§ What you should do:
Scan the lines below for the string "under". Reply with how many match, and no other words.

§ Provided material:
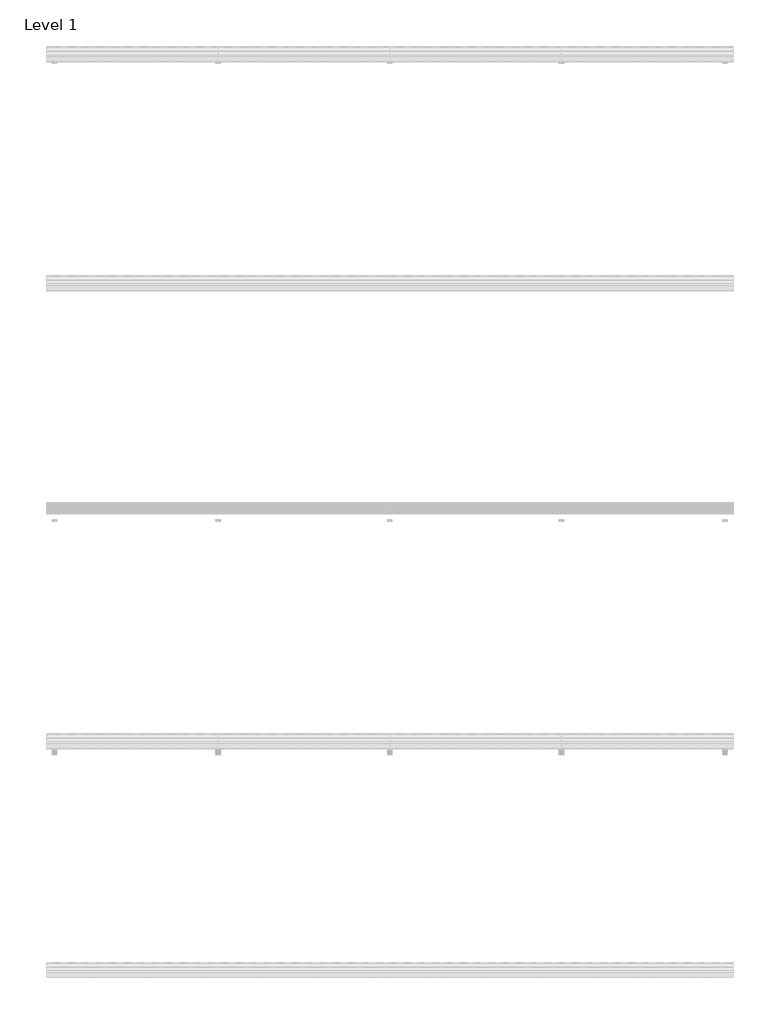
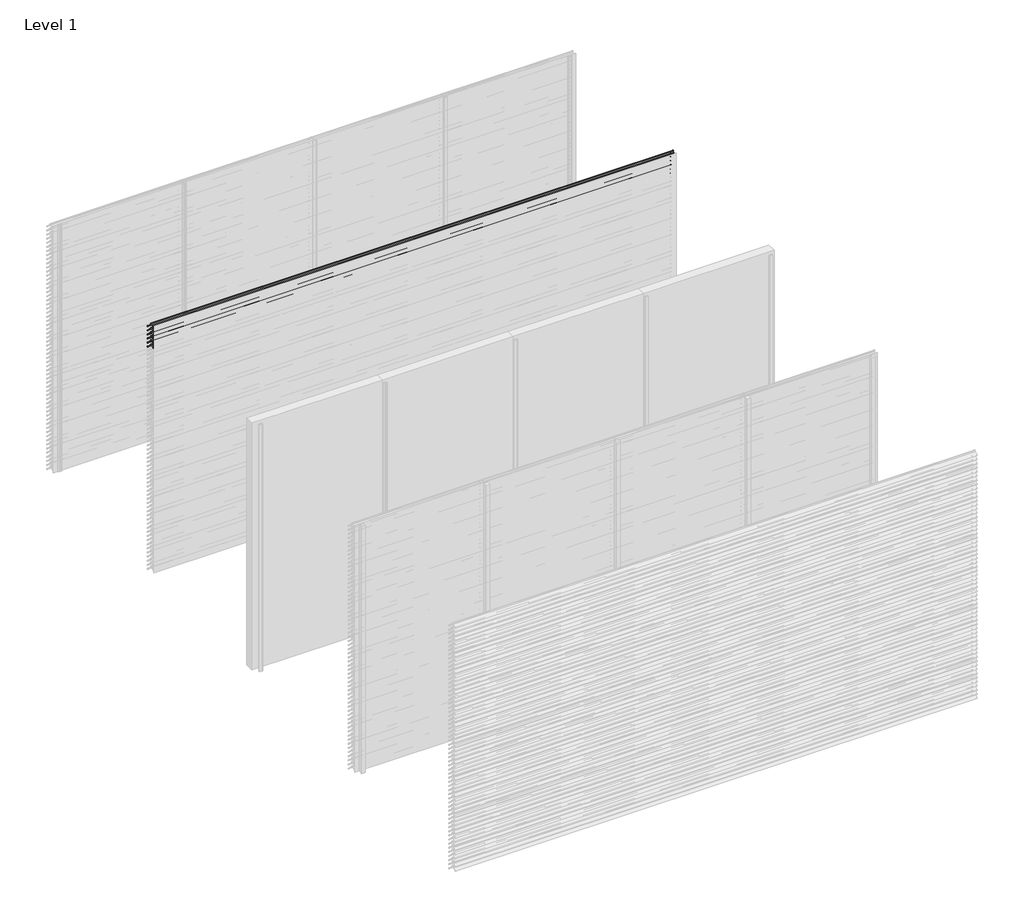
# One storey, part 88 of 173: 18 proxies.
"""IFC4 building model written with IfcOpenShell, lengths in millimetres."""

from ifc_helpers import new_model, si_unit, point, frame, frame_2d, origin, place, context, project, spatial, polyline, circle_curve, trimmed, segment, composite_curve, outline, extrude, element, save

model = new_model("IFC4")

# Units and contexts
model_context = context("Model", 3, world=origin())
ifc_project = project(units=[si_unit("LENGTHUNIT", "METRE", prefix="MILLI")], contexts=[model_context])

# Site, building, storey
site = spatial("IfcSite", under=ifc_project)
building = spatial("IfcBuilding", under=site)
storey = spatial("IfcBuildingStorey", under=building, Name="Level 1", Elevation=0.0)

# Proxies
placement = place(None, origin())
element("IfcBuildingElementProxy", 1, Name="Wall Sweeps", at=placement, inside=storey, context=model_context, shape_type="SweptSolid", body=[
    extrude(outline(composite_curve([segment(polyline([(-25998.0, 2959.1474905), (-25998.0, 2961.6227417)]), True, "CONTINUOUS"), segment(trimmed(circle_curve(frame_2d((-25951.2682172, 2916.2200208)), 65.1557103), [point((-25998.0, 2961.6227417))], [point((-25954.4014323, 2981.3003524))], False, "CARTESIAN"), True, "CONTINUOUS"), segment(polyline([(-25954.4014323, 2981.3003524), (-25934.8315836, 2981.3003524)]), True, "CONTINUOUS"), segment(trimmed(circle_curve(frame_2d((-25732.7329489, 3128.5533172)), 250.0545817), [point((-25934.8315836, 2981.3003524))], [point((-25941.4452143, 2990.8344583))], False, "CARTESIAN"), True, "CONTINUOUS"), segment(trimmed(circle_curve(frame_2d((-25953.2981792, 2985.1737835)), 13.1352966), [point((-25941.4452143, 2990.8344583))], [point((-25953.8171475, 2998.298824))], True, "CARTESIAN"), True, "CONTINUOUS"), segment(polyline([(-25953.8171475, 2998.298824), (-25953.8171475, 3000.0)]), True, "CONTINUOUS"), segment(trimmed(circle_curve(frame_2d((-25953.2981792, 2985.1737835)), 14.8352966), [point((-25953.8171475, 3000.0))], [point((-25939.9637661, 2991.6760487))], False, "CARTESIAN"), True, "CONTINUOUS"), segment(trimmed(circle_curve(frame_2d((-25732.7329489, 3128.5533172)), 248.3545817), [point((-25939.9637661, 2991.6760487))], [point((-25873.8787895, 2924.2059416))], True, "CARTESIAN"), True, "CONTINUOUS"), segment(trimmed(circle_curve(frame_2d((-25883.8147537, 2911.6649442)), 16.0), [point((-25873.8787895, 2924.2059416))], [point((-25867.8648347, 2910.4))], False, "CARTESIAN"), True, "CONTINUOUS"), segment(polyline([(-25867.8648347, 2910.4), (-25869.6712069, 2910.4)]), True, "CONTINUOUS"), segment(trimmed(circle_curve(frame_2d((-25883.8147537, 2911.6649442)), 14.2), [point((-25869.6712069, 2910.4))], [point((-25874.9518628, 2922.7594998))], True, "CARTESIAN"), True, "CONTINUOUS"), segment(trimmed(circle_curve(frame_2d((-25732.7329489, 3128.5533172)), 250.1545817), [point((-25874.9518628, 2922.7594998))], [point((-25933.7064024, 2979.6003524))], False, "CARTESIAN"), True, "CONTINUOUS"), segment(polyline([(-25933.7064024, 2979.6003524), (-25954.3602632, 2979.6003524)]), True, "CONTINUOUS"), segment(trimmed(circle_curve(frame_2d((-25951.2682172, 2916.2200208)), 63.4557103), [point((-25954.3602632, 2979.6003524))], [point((-25998.0, 2959.1474905))], True, "CARTESIAN"), True, "CONTINUOUS")], self_intersect=False)), frame((0.0, 0.0, 0.0), z_axis=(1.0, 0.0, 0.0), x_axis=(0.0, 1.0, 0.0)), (0.0, 0.0, 1.0), 6000.0),
])
element("IfcBuildingElementProxy", 2, Name="Wall Sweeps", at=placement, inside=storey, context=model_context, shape_type="SweptSolid", body=[
    extrude(outline(composite_curve([segment(polyline([(-25998.0, 2909.1474905), (-25998.0, 2911.6227417)]), True, "CONTINUOUS"), segment(trimmed(circle_curve(frame_2d((-25951.2682172, 2866.2200208)), 65.1557103), [point((-25998.0, 2911.6227417))], [point((-25954.4014323, 2931.3003524))], False, "CARTESIAN"), True, "CONTINUOUS"), segment(polyline([(-25954.4014323, 2931.3003524), (-25934.8315836, 2931.3003524)]), True, "CONTINUOUS"), segment(trimmed(circle_curve(frame_2d((-25732.7329489, 3078.5533172)), 250.0545817), [point((-25934.8315836, 2931.3003524))], [point((-25941.4452143, 2940.8344583))], False, "CARTESIAN"), True, "CONTINUOUS"), segment(trimmed(circle_curve(frame_2d((-25953.2981792, 2935.1737835)), 13.1352966), [point((-25941.4452143, 2940.8344583))], [point((-25953.8171475, 2948.298824))], True, "CARTESIAN"), True, "CONTINUOUS"), segment(polyline([(-25953.8171475, 2948.298824), (-25953.8171475, 2950.0)]), True, "CONTINUOUS"), segment(trimmed(circle_curve(frame_2d((-25953.2981792, 2935.1737835)), 14.8352966), [point((-25953.8171475, 2950.0))], [point((-25939.9637661, 2941.6760487))], False, "CARTESIAN"), True, "CONTINUOUS"), segment(trimmed(circle_curve(frame_2d((-25732.7329489, 3078.5533172)), 248.3545817), [point((-25939.9637661, 2941.6760487))], [point((-25873.8787895, 2874.2059416))], True, "CARTESIAN"), True, "CONTINUOUS"), segment(trimmed(circle_curve(frame_2d((-25883.8147537, 2861.6649442)), 16.0), [point((-25873.8787895, 2874.2059416))], [point((-25867.8648347, 2860.4))], False, "CARTESIAN"), True, "CONTINUOUS"), segment(polyline([(-25867.8648347, 2860.4), (-25869.6712069, 2860.4)]), True, "CONTINUOUS"), segment(trimmed(circle_curve(frame_2d((-25883.8147537, 2861.6649442)), 14.2), [point((-25869.6712069, 2860.4))], [point((-25874.9518628, 2872.7594998))], True, "CARTESIAN"), True, "CONTINUOUS"), segment(trimmed(circle_curve(frame_2d((-25732.7329489, 3078.5533172)), 250.1545817), [point((-25874.9518628, 2872.7594998))], [point((-25933.7064024, 2929.6003524))], False, "CARTESIAN"), True, "CONTINUOUS"), segment(polyline([(-25933.7064024, 2929.6003524), (-25954.3602632, 2929.6003524)]), True, "CONTINUOUS"), segment(trimmed(circle_curve(frame_2d((-25951.2682172, 2866.2200208)), 63.4557103), [point((-25954.3602632, 2929.6003524))], [point((-25998.0, 2909.1474905))], True, "CARTESIAN"), True, "CONTINUOUS")], self_intersect=False)), frame((0.0, 0.0, 0.0), z_axis=(1.0, 0.0, 0.0), x_axis=(0.0, 1.0, 0.0)), (0.0, 0.0, 1.0), 6000.0),
])
element("IfcBuildingElementProxy", 3, Name="Wall Sweeps", at=placement, inside=storey, context=model_context, shape_type="SweptSolid", body=[
    extrude(outline(composite_curve([segment(polyline([(-25998.0, 2859.1474905), (-25998.0, 2861.6227417)]), True, "CONTINUOUS"), segment(trimmed(circle_curve(frame_2d((-25951.2682172, 2816.2200208)), 65.1557103), [point((-25998.0, 2861.6227417))], [point((-25954.4014323, 2881.3003524))], False, "CARTESIAN"), True, "CONTINUOUS"), segment(polyline([(-25954.4014323, 2881.3003524), (-25934.8315836, 2881.3003524)]), True, "CONTINUOUS"), segment(trimmed(circle_curve(frame_2d((-25732.7329489, 3028.5533172)), 250.0545817), [point((-25934.8315836, 2881.3003524))], [point((-25941.4452143, 2890.8344583))], False, "CARTESIAN"), True, "CONTINUOUS"), segment(trimmed(circle_curve(frame_2d((-25953.2981792, 2885.1737835)), 13.1352966), [point((-25941.4452143, 2890.8344583))], [point((-25953.8171475, 2898.298824))], True, "CARTESIAN"), True, "CONTINUOUS"), segment(polyline([(-25953.8171475, 2898.298824), (-25953.8171475, 2900.0)]), True, "CONTINUOUS"), segment(trimmed(circle_curve(frame_2d((-25953.2981792, 2885.1737835)), 14.8352966), [point((-25953.8171475, 2900.0))], [point((-25939.9637661, 2891.6760487))], False, "CARTESIAN"), True, "CONTINUOUS"), segment(trimmed(circle_curve(frame_2d((-25732.7329489, 3028.5533172)), 248.3545817), [point((-25939.9637661, 2891.6760487))], [point((-25873.8787895, 2824.2059416))], True, "CARTESIAN"), True, "CONTINUOUS"), segment(trimmed(circle_curve(frame_2d((-25883.8147537, 2811.6649442)), 16.0), [point((-25873.8787895, 2824.2059416))], [point((-25867.8648347, 2810.4))], False, "CARTESIAN"), True, "CONTINUOUS"), segment(polyline([(-25867.8648347, 2810.4), (-25869.6712069, 2810.4)]), True, "CONTINUOUS"), segment(trimmed(circle_curve(frame_2d((-25883.8147537, 2811.6649442)), 14.2), [point((-25869.6712069, 2810.4))], [point((-25874.9518628, 2822.7594998))], True, "CARTESIAN"), True, "CONTINUOUS"), segment(trimmed(circle_curve(frame_2d((-25732.7329489, 3028.5533172)), 250.1545817), [point((-25874.9518628, 2822.7594998))], [point((-25933.7064024, 2879.6003524))], False, "CARTESIAN"), True, "CONTINUOUS"), segment(polyline([(-25933.7064024, 2879.6003524), (-25954.3602632, 2879.6003524)]), True, "CONTINUOUS"), segment(trimmed(circle_curve(frame_2d((-25951.2682172, 2816.2200208)), 63.4557103), [point((-25954.3602632, 2879.6003524))], [point((-25998.0, 2859.1474905))], True, "CARTESIAN"), True, "CONTINUOUS")], self_intersect=False)), frame((0.0, 0.0, 0.0), z_axis=(1.0, 0.0, 0.0), x_axis=(0.0, 1.0, 0.0)), (0.0, 0.0, 1.0), 6000.0),
])
element("IfcBuildingElementProxy", 4, Name="Wall Sweeps", at=placement, inside=storey, context=model_context, shape_type="SweptSolid", body=[
    extrude(outline(composite_curve([segment(polyline([(-25998.0, 2809.1474905), (-25998.0, 2811.6227417)]), True, "CONTINUOUS"), segment(trimmed(circle_curve(frame_2d((-25951.2682172, 2766.2200208)), 65.1557103), [point((-25998.0, 2811.6227417))], [point((-25954.4014323, 2831.3003524))], False, "CARTESIAN"), True, "CONTINUOUS"), segment(polyline([(-25954.4014323, 2831.3003524), (-25934.8315836, 2831.3003524)]), True, "CONTINUOUS"), segment(trimmed(circle_curve(frame_2d((-25732.7329489, 2978.5533172)), 250.0545817), [point((-25934.8315836, 2831.3003524))], [point((-25941.4452143, 2840.8344583))], False, "CARTESIAN"), True, "CONTINUOUS"), segment(trimmed(circle_curve(frame_2d((-25953.2981792, 2835.1737835)), 13.1352966), [point((-25941.4452143, 2840.8344583))], [point((-25953.8171475, 2848.298824))], True, "CARTESIAN"), True, "CONTINUOUS"), segment(polyline([(-25953.8171475, 2848.298824), (-25953.8171475, 2850.0)]), True, "CONTINUOUS"), segment(trimmed(circle_curve(frame_2d((-25953.2981792, 2835.1737835)), 14.8352966), [point((-25953.8171475, 2850.0))], [point((-25939.9637661, 2841.6760487))], False, "CARTESIAN"), True, "CONTINUOUS"), segment(trimmed(circle_curve(frame_2d((-25732.7329489, 2978.5533172)), 248.3545817), [point((-25939.9637661, 2841.6760487))], [point((-25873.8787895, 2774.2059416))], True, "CARTESIAN"), True, "CONTINUOUS"), segment(trimmed(circle_curve(frame_2d((-25883.8147537, 2761.6649442)), 16.0), [point((-25873.8787895, 2774.2059416))], [point((-25867.8648347, 2760.4))], False, "CARTESIAN"), True, "CONTINUOUS"), segment(polyline([(-25867.8648347, 2760.4), (-25869.6712069, 2760.4)]), True, "CONTINUOUS"), segment(trimmed(circle_curve(frame_2d((-25883.8147537, 2761.6649442)), 14.2), [point((-25869.6712069, 2760.4))], [point((-25874.9518628, 2772.7594998))], True, "CARTESIAN"), True, "CONTINUOUS"), segment(trimmed(circle_curve(frame_2d((-25732.7329489, 2978.5533172)), 250.1545817), [point((-25874.9518628, 2772.7594998))], [point((-25933.7064024, 2829.6003524))], False, "CARTESIAN"), True, "CONTINUOUS"), segment(polyline([(-25933.7064024, 2829.6003524), (-25954.3602632, 2829.6003524)]), True, "CONTINUOUS"), segment(trimmed(circle_curve(frame_2d((-25951.2682172, 2766.2200208)), 63.4557103), [point((-25954.3602632, 2829.6003524))], [point((-25998.0, 2809.1474905))], True, "CARTESIAN"), True, "CONTINUOUS")], self_intersect=False)), frame((0.0, 0.0, 0.0), z_axis=(1.0, 0.0, 0.0), x_axis=(0.0, 1.0, 0.0)), (0.0, 0.0, 1.0), 6000.0),
])
element("IfcBuildingElementProxy", 5, Name="Wall Sweeps", at=placement, inside=storey, context=model_context, shape_type="SweptSolid", body=[
    extrude(outline(composite_curve([segment(polyline([(-25998.0, 2759.1474905), (-25998.0, 2761.6227417)]), True, "CONTINUOUS"), segment(trimmed(circle_curve(frame_2d((-25951.2682172, 2716.2200208)), 65.1557103), [point((-25998.0, 2761.6227417))], [point((-25954.4014323, 2781.3003524))], False, "CARTESIAN"), True, "CONTINUOUS"), segment(polyline([(-25954.4014323, 2781.3003524), (-25934.8315836, 2781.3003524)]), True, "CONTINUOUS"), segment(trimmed(circle_curve(frame_2d((-25732.7329489, 2928.5533172)), 250.0545817), [point((-25934.8315836, 2781.3003524))], [point((-25941.4452143, 2790.8344583))], False, "CARTESIAN"), True, "CONTINUOUS"), segment(trimmed(circle_curve(frame_2d((-25953.2981792, 2785.1737835)), 13.1352966), [point((-25941.4452143, 2790.8344583))], [point((-25953.8171475, 2798.298824))], True, "CARTESIAN"), True, "CONTINUOUS"), segment(polyline([(-25953.8171475, 2798.298824), (-25953.8171475, 2800.0)]), True, "CONTINUOUS"), segment(trimmed(circle_curve(frame_2d((-25953.2981792, 2785.1737835)), 14.8352966), [point((-25953.8171475, 2800.0))], [point((-25939.9637661, 2791.6760487))], False, "CARTESIAN"), True, "CONTINUOUS"), segment(trimmed(circle_curve(frame_2d((-25732.7329489, 2928.5533172)), 248.3545817), [point((-25939.9637661, 2791.6760487))], [point((-25873.8787895, 2724.2059416))], True, "CARTESIAN"), True, "CONTINUOUS"), segment(trimmed(circle_curve(frame_2d((-25883.8147537, 2711.6649442)), 16.0), [point((-25873.8787895, 2724.2059416))], [point((-25867.8648347, 2710.4))], False, "CARTESIAN"), True, "CONTINUOUS"), segment(polyline([(-25867.8648347, 2710.4), (-25869.6712069, 2710.4)]), True, "CONTINUOUS"), segment(trimmed(circle_curve(frame_2d((-25883.8147537, 2711.6649442)), 14.2), [point((-25869.6712069, 2710.4))], [point((-25874.9518628, 2722.7594998))], True, "CARTESIAN"), True, "CONTINUOUS"), segment(trimmed(circle_curve(frame_2d((-25732.7329489, 2928.5533172)), 250.1545817), [point((-25874.9518628, 2722.7594998))], [point((-25933.7064024, 2779.6003524))], False, "CARTESIAN"), True, "CONTINUOUS"), segment(polyline([(-25933.7064024, 2779.6003524), (-25954.3602632, 2779.6003524)]), True, "CONTINUOUS"), segment(trimmed(circle_curve(frame_2d((-25951.2682172, 2716.2200208)), 63.4557103), [point((-25954.3602632, 2779.6003524))], [point((-25998.0, 2759.1474905))], True, "CARTESIAN"), True, "CONTINUOUS")], self_intersect=False)), frame((0.0, 0.0, 0.0), z_axis=(1.0, 0.0, 0.0), x_axis=(0.0, 1.0, 0.0)), (0.0, 0.0, 1.0), 6000.0),
])
element("IfcBuildingElementProxy", 6, Name="Wall Sweeps", at=placement, inside=storey, context=model_context, shape_type="SweptSolid", body=[
    extrude(outline(composite_curve([segment(polyline([(-25998.0, 2709.1474905), (-25998.0, 2711.6227417)]), True, "CONTINUOUS"), segment(trimmed(circle_curve(frame_2d((-25951.2682172, 2666.2200208)), 65.1557103), [point((-25998.0, 2711.6227417))], [point((-25954.4014323, 2731.3003524))], False, "CARTESIAN"), True, "CONTINUOUS"), segment(polyline([(-25954.4014323, 2731.3003524), (-25934.8315836, 2731.3003524)]), True, "CONTINUOUS"), segment(trimmed(circle_curve(frame_2d((-25732.7329489, 2878.5533172)), 250.0545817), [point((-25934.8315836, 2731.3003524))], [point((-25941.4452143, 2740.8344583))], False, "CARTESIAN"), True, "CONTINUOUS"), segment(trimmed(circle_curve(frame_2d((-25953.2981792, 2735.1737835)), 13.1352966), [point((-25941.4452143, 2740.8344583))], [point((-25953.8171475, 2748.298824))], True, "CARTESIAN"), True, "CONTINUOUS"), segment(polyline([(-25953.8171475, 2748.298824), (-25953.8171475, 2750.0)]), True, "CONTINUOUS"), segment(trimmed(circle_curve(frame_2d((-25953.2981792, 2735.1737835)), 14.8352966), [point((-25953.8171475, 2750.0))], [point((-25939.9637661, 2741.6760487))], False, "CARTESIAN"), True, "CONTINUOUS"), segment(trimmed(circle_curve(frame_2d((-25732.7329489, 2878.5533172)), 248.3545817), [point((-25939.9637661, 2741.6760487))], [point((-25873.8787895, 2674.2059416))], True, "CARTESIAN"), True, "CONTINUOUS"), segment(trimmed(circle_curve(frame_2d((-25883.8147537, 2661.6649442)), 16.0), [point((-25873.8787895, 2674.2059416))], [point((-25867.8648347, 2660.4))], False, "CARTESIAN"), True, "CONTINUOUS"), segment(polyline([(-25867.8648347, 2660.4), (-25869.6712069, 2660.4)]), True, "CONTINUOUS"), segment(trimmed(circle_curve(frame_2d((-25883.8147537, 2661.6649442)), 14.2), [point((-25869.6712069, 2660.4))], [point((-25874.9518628, 2672.7594998))], True, "CARTESIAN"), True, "CONTINUOUS"), segment(trimmed(circle_curve(frame_2d((-25732.7329489, 2878.5533172)), 250.1545817), [point((-25874.9518628, 2672.7594998))], [point((-25933.7064024, 2729.6003524))], False, "CARTESIAN"), True, "CONTINUOUS"), segment(polyline([(-25933.7064024, 2729.6003524), (-25954.3602632, 2729.6003524)]), True, "CONTINUOUS"), segment(trimmed(circle_curve(frame_2d((-25951.2682172, 2666.2200208)), 63.4557103), [point((-25954.3602632, 2729.6003524))], [point((-25998.0, 2709.1474905))], True, "CARTESIAN"), True, "CONTINUOUS")], self_intersect=False)), frame((0.0, 0.0, 0.0), z_axis=(1.0, 0.0, 0.0), x_axis=(0.0, 1.0, 0.0)), (0.0, 0.0, 1.0), 6000.0),
])
element("IfcBuildingElementProxy", 7, Name="Wall Sweeps", at=placement, inside=storey, context=model_context, shape_type="SweptSolid", body=[
    extrude(outline(composite_curve([segment(polyline([(-29998.0, 559.1474905), (-29998.0, 561.6227417)]), True, "CONTINUOUS"), segment(trimmed(circle_curve(frame_2d((-29951.2682172, 516.2200208)), 65.1557103), [point((-29998.0, 561.6227417))], [point((-29954.4014323, 581.3003524))], False, "CARTESIAN"), True, "CONTINUOUS"), segment(polyline([(-29954.4014323, 581.3003524), (-29934.8315836, 581.3003524)]), True, "CONTINUOUS"), segment(trimmed(circle_curve(frame_2d((-29732.7329489, 728.5533172)), 250.0545817), [point((-29934.8315836, 581.3003524))], [point((-29941.4452143, 590.8344583))], False, "CARTESIAN"), True, "CONTINUOUS"), segment(trimmed(circle_curve(frame_2d((-29953.2981792, 585.1737835)), 13.1352966), [point((-29941.4452143, 590.8344583))], [point((-29953.8171475, 598.298824))], True, "CARTESIAN"), True, "CONTINUOUS"), segment(polyline([(-29953.8171475, 598.298824), (-29953.8171475, 600.0)]), True, "CONTINUOUS"), segment(trimmed(circle_curve(frame_2d((-29953.2981792, 585.1737835)), 14.8352966), [point((-29953.8171475, 600.0))], [point((-29939.9637661, 591.6760487))], False, "CARTESIAN"), True, "CONTINUOUS"), segment(trimmed(circle_curve(frame_2d((-29732.7329489, 728.5533172)), 248.3545817), [point((-29939.9637661, 591.6760487))], [point((-29873.8787895, 524.2059416))], True, "CARTESIAN"), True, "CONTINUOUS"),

§ Exercise output:
3